After running this, you will see that this file is no longer in our **claude** directory. If we were in another directory and wanted to do this without changing our working directory, we could run:

```rm ~/dog_pics/claude/claude1.PNG```

and this is true for most commands.

Let's say I wanted to delete multiple files at once and remove all of the photos from the **claude** directory. In this case, we would run:

In [3]:
rm claude2.JPG claude3.JPG

And as you will be able to see via GUI, the **claude** directory is now empty. 

The ```rm``` command has some common options/flags:

1. ```-r``` or ```-R```: Recursively delete directories and their contents
2. ```-f```: Force deletion without prompting for confirmation
3. ```-i```: Interactive mode, prompts before each deletion
4. ```-v```: Verbose mode, shows what's being deleted

The most important of these flags for our purposes is probably the ```-r``` flag, which will allow us to delete entire directories and their contents.

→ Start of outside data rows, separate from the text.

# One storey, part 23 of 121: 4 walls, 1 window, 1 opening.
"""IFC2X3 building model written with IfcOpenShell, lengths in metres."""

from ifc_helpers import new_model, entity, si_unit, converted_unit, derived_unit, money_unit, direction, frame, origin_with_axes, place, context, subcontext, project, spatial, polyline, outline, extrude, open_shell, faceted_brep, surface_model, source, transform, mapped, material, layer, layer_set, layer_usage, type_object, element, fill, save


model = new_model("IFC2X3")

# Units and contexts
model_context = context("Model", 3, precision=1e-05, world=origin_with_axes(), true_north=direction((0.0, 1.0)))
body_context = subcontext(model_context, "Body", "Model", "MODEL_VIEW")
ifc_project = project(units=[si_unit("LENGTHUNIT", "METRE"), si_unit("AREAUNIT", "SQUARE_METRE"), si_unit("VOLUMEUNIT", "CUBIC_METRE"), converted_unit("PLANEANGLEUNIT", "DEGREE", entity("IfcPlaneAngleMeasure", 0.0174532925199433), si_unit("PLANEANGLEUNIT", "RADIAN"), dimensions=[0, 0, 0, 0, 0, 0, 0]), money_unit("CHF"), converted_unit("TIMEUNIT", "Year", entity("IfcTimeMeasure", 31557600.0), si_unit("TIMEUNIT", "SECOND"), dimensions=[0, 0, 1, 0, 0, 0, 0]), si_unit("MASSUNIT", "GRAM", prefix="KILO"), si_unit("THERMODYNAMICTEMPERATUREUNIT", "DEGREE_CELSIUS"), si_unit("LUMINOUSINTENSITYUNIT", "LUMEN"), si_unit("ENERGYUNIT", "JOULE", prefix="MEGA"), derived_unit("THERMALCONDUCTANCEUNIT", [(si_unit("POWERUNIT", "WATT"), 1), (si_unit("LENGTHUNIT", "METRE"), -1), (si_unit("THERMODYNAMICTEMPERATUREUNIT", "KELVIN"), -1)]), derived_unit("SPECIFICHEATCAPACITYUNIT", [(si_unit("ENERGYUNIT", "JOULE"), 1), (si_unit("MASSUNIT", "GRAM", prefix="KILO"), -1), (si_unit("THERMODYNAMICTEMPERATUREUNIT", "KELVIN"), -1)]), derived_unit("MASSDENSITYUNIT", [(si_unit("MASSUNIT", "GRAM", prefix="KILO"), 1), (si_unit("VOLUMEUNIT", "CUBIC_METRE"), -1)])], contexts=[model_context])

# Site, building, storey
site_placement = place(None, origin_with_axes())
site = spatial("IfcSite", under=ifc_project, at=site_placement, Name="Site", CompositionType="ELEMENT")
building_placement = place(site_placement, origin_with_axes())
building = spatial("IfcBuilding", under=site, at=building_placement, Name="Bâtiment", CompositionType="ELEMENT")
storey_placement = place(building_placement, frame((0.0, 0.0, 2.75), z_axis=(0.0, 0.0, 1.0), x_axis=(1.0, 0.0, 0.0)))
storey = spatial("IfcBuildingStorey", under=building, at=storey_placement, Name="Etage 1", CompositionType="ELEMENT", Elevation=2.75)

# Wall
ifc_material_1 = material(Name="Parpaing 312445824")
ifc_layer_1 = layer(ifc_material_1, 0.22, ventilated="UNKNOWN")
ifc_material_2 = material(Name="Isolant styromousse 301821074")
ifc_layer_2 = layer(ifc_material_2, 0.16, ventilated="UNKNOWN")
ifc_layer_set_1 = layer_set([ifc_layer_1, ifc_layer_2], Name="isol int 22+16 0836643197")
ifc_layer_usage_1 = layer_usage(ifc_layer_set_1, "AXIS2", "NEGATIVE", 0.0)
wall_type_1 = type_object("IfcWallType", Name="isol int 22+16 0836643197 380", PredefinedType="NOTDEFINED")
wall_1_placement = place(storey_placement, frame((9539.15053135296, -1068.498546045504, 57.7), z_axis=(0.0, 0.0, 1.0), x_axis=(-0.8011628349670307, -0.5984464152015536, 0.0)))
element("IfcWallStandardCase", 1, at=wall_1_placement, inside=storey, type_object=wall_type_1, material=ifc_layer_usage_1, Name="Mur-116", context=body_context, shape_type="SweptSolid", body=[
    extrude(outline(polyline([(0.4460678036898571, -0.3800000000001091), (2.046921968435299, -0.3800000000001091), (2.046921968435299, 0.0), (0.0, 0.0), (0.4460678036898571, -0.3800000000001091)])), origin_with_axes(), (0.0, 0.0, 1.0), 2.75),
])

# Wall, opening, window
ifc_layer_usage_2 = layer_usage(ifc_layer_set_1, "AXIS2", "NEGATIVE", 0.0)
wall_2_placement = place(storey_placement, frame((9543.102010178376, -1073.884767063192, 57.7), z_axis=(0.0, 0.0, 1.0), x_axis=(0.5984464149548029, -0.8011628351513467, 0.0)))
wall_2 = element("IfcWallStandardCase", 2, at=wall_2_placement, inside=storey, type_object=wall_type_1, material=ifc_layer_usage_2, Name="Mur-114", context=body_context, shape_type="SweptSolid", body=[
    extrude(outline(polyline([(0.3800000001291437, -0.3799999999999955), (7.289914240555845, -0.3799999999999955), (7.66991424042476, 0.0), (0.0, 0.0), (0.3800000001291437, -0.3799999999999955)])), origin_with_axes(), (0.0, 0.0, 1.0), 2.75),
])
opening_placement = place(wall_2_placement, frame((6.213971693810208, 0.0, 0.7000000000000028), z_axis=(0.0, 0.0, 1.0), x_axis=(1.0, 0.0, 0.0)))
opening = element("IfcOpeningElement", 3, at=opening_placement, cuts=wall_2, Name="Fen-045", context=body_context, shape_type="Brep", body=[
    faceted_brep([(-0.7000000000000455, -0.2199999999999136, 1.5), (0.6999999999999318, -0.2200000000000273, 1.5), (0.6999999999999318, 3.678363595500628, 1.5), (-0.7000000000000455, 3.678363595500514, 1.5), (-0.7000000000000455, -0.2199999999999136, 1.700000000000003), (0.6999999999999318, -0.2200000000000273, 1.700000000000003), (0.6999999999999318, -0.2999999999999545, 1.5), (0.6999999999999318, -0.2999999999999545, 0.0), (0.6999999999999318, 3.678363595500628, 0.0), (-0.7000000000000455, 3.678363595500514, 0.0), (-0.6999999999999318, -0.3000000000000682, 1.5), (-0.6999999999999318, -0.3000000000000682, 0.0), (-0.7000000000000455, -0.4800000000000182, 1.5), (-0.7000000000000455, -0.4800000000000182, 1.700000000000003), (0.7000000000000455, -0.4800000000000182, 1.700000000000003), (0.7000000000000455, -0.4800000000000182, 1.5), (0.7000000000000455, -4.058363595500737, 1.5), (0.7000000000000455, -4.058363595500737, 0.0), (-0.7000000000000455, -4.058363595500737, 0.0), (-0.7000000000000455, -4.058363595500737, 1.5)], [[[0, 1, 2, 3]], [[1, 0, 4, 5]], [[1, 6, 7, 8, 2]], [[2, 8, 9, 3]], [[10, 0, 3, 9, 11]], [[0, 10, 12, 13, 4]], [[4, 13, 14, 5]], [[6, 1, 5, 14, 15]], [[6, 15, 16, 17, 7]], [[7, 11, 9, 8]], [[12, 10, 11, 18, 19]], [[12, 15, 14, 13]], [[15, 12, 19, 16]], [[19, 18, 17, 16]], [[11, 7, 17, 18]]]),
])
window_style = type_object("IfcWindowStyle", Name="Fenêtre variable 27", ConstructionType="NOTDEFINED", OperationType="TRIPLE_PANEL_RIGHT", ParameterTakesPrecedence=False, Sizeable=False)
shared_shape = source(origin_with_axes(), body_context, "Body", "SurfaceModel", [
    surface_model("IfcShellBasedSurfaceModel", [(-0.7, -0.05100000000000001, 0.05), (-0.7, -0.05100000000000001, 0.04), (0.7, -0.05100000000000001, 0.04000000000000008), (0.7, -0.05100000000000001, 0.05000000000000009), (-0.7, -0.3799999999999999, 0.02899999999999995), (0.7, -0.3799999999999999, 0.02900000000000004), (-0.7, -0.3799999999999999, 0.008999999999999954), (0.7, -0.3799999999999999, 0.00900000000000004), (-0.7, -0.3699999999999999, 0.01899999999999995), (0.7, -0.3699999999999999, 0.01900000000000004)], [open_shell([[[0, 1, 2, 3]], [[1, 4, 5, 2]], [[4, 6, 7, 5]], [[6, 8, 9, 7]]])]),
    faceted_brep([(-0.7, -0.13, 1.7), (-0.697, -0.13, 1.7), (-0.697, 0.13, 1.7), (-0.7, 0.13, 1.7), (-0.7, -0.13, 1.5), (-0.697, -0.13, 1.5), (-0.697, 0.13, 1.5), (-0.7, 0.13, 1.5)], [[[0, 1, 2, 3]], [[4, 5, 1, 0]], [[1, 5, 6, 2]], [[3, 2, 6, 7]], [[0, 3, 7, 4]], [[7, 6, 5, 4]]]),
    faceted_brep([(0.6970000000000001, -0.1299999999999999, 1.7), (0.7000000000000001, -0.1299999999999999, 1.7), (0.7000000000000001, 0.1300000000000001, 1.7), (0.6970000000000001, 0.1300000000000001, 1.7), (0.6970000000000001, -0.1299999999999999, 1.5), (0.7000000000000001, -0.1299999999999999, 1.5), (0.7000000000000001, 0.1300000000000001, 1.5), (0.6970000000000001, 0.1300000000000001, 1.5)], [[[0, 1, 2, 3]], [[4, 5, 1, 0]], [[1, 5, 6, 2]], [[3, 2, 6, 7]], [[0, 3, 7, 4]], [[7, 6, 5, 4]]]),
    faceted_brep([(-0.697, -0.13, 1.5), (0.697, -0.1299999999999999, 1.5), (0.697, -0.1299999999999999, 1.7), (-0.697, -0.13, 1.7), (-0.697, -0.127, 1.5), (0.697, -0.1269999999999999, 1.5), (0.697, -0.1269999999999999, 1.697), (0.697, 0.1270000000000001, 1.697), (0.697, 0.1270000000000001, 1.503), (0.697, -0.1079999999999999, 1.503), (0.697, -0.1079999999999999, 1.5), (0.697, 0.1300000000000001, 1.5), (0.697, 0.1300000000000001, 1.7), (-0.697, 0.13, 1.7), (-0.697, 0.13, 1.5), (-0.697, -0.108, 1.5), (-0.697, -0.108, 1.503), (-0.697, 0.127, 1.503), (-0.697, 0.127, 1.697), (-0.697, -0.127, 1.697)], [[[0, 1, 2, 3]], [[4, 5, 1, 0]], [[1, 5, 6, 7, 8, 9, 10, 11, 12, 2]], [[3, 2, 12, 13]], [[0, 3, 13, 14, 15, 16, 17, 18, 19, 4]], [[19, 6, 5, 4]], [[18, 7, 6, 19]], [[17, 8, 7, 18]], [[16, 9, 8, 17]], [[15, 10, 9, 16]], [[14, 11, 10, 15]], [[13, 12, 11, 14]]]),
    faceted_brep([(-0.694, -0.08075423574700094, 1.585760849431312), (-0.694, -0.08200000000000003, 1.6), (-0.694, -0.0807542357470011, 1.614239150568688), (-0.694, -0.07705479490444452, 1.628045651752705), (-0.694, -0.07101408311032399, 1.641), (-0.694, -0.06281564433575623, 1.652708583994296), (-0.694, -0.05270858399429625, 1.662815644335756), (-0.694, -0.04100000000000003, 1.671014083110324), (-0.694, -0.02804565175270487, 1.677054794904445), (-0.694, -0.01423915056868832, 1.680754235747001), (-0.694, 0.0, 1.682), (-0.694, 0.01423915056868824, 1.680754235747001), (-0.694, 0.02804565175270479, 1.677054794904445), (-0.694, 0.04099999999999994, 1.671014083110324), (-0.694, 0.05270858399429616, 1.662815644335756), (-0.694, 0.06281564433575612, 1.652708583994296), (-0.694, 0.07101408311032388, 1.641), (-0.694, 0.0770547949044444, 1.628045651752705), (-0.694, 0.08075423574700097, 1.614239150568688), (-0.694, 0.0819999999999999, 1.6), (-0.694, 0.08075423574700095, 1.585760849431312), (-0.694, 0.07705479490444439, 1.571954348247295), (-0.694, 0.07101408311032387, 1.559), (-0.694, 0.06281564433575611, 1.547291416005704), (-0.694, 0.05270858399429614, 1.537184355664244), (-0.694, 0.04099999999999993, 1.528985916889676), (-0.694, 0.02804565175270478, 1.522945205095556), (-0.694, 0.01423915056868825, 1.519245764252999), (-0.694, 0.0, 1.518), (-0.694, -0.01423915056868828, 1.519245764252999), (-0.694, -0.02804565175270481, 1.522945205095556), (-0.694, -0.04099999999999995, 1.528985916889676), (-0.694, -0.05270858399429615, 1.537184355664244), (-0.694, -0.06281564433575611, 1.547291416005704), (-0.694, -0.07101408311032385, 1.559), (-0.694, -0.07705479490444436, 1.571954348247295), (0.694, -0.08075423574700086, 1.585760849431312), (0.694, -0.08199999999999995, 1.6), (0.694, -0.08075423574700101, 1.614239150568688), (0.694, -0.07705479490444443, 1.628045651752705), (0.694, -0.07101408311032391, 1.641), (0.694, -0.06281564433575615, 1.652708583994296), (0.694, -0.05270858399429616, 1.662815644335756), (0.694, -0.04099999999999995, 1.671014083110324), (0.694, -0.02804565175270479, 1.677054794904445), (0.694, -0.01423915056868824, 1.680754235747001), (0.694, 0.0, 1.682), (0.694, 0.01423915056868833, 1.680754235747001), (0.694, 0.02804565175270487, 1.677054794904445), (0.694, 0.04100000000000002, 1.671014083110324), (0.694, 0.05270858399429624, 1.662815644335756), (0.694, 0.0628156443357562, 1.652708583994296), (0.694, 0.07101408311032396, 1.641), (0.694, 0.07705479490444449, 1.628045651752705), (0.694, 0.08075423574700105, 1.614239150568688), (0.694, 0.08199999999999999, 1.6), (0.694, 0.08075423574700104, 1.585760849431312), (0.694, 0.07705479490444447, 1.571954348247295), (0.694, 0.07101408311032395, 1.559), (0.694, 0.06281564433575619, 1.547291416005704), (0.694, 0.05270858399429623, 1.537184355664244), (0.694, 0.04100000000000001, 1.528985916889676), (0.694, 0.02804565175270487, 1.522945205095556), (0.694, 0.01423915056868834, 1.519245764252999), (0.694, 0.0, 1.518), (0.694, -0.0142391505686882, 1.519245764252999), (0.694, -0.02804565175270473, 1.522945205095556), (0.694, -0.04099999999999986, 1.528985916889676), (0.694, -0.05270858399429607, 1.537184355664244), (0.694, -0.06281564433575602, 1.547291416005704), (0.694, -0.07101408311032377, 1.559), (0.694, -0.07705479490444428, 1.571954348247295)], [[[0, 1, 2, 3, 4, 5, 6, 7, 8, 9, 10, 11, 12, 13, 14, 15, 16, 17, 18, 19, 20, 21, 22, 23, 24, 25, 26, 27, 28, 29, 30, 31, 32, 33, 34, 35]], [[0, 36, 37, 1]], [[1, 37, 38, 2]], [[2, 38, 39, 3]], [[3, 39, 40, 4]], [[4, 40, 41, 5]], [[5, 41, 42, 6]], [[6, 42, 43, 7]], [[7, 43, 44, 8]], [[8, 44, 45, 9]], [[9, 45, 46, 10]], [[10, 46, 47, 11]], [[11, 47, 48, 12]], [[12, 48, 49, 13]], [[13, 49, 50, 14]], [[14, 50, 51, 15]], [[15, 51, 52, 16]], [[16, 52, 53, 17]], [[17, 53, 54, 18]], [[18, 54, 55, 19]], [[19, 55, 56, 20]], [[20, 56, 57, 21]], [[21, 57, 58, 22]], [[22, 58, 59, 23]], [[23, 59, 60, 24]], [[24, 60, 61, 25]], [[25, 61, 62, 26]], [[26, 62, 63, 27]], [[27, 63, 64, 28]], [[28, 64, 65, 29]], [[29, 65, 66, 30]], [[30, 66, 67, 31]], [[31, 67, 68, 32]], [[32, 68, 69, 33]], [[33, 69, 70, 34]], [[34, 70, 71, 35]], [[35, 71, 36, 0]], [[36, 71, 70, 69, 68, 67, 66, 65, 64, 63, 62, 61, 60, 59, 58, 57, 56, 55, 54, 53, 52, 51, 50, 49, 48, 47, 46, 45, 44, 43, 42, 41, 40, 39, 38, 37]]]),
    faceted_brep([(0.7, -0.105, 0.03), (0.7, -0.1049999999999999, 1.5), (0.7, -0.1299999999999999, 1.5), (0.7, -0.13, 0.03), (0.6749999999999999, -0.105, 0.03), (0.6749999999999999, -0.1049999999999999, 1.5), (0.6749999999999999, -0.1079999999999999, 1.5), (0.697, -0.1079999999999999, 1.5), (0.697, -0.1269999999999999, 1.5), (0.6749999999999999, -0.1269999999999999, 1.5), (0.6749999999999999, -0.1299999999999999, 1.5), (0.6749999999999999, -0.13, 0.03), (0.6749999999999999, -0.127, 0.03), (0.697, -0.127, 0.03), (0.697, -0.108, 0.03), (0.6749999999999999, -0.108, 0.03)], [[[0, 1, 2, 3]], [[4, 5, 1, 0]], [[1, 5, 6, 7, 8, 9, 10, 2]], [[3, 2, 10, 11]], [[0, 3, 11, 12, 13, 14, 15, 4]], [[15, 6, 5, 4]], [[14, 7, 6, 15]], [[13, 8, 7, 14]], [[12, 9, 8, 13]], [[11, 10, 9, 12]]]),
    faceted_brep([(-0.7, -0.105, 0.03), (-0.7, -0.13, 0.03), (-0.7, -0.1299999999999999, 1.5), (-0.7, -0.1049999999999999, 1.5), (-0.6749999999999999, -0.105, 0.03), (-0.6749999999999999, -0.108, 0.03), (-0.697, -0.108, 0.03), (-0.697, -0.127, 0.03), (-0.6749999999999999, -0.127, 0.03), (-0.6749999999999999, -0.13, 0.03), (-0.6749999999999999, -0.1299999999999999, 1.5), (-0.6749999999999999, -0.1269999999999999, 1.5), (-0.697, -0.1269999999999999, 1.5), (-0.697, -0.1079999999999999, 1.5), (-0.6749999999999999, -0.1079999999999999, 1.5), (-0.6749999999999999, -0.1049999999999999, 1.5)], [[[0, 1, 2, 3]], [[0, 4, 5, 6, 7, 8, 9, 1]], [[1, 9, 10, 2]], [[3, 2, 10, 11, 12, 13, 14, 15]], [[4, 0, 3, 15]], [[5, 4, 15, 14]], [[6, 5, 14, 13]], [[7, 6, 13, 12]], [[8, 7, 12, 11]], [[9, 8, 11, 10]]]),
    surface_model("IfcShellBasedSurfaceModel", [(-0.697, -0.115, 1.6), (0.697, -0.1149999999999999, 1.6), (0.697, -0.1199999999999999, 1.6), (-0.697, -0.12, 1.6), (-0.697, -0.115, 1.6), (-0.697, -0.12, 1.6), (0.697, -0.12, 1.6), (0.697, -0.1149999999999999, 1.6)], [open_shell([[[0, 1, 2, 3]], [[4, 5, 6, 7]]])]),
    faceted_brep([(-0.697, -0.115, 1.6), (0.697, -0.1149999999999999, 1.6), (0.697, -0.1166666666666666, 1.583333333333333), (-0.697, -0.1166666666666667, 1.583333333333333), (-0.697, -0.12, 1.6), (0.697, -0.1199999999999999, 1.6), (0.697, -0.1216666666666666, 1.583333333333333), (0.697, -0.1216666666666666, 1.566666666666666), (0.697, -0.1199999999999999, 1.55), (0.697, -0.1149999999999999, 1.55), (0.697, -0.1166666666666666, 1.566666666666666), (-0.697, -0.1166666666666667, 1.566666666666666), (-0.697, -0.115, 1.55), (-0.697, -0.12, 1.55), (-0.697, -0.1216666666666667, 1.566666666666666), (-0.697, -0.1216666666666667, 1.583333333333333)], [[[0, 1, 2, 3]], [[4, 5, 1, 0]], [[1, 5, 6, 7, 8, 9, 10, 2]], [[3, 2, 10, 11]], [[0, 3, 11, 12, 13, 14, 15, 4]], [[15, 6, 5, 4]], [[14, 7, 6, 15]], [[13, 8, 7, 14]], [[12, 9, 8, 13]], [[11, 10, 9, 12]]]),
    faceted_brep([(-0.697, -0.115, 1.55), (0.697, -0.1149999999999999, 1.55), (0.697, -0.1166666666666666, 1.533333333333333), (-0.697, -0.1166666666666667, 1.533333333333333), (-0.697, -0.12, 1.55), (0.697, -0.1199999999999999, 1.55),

Let's try it out with the **jimmy** directory. 

In [5]:
rm -r ~/dog_pics/jimmy

If we tried to delete the directory without the ```-r```, it would spit back an error telling us that because **jimmy** is a directory, we cannot delete it. 

### Great work getting through this module everyone! I know this one was a little bit more intensive, but remember that you can always look these commands and their flags up. What's important is getting the syntax down.

> If you need any more practice, please play around in the terminal.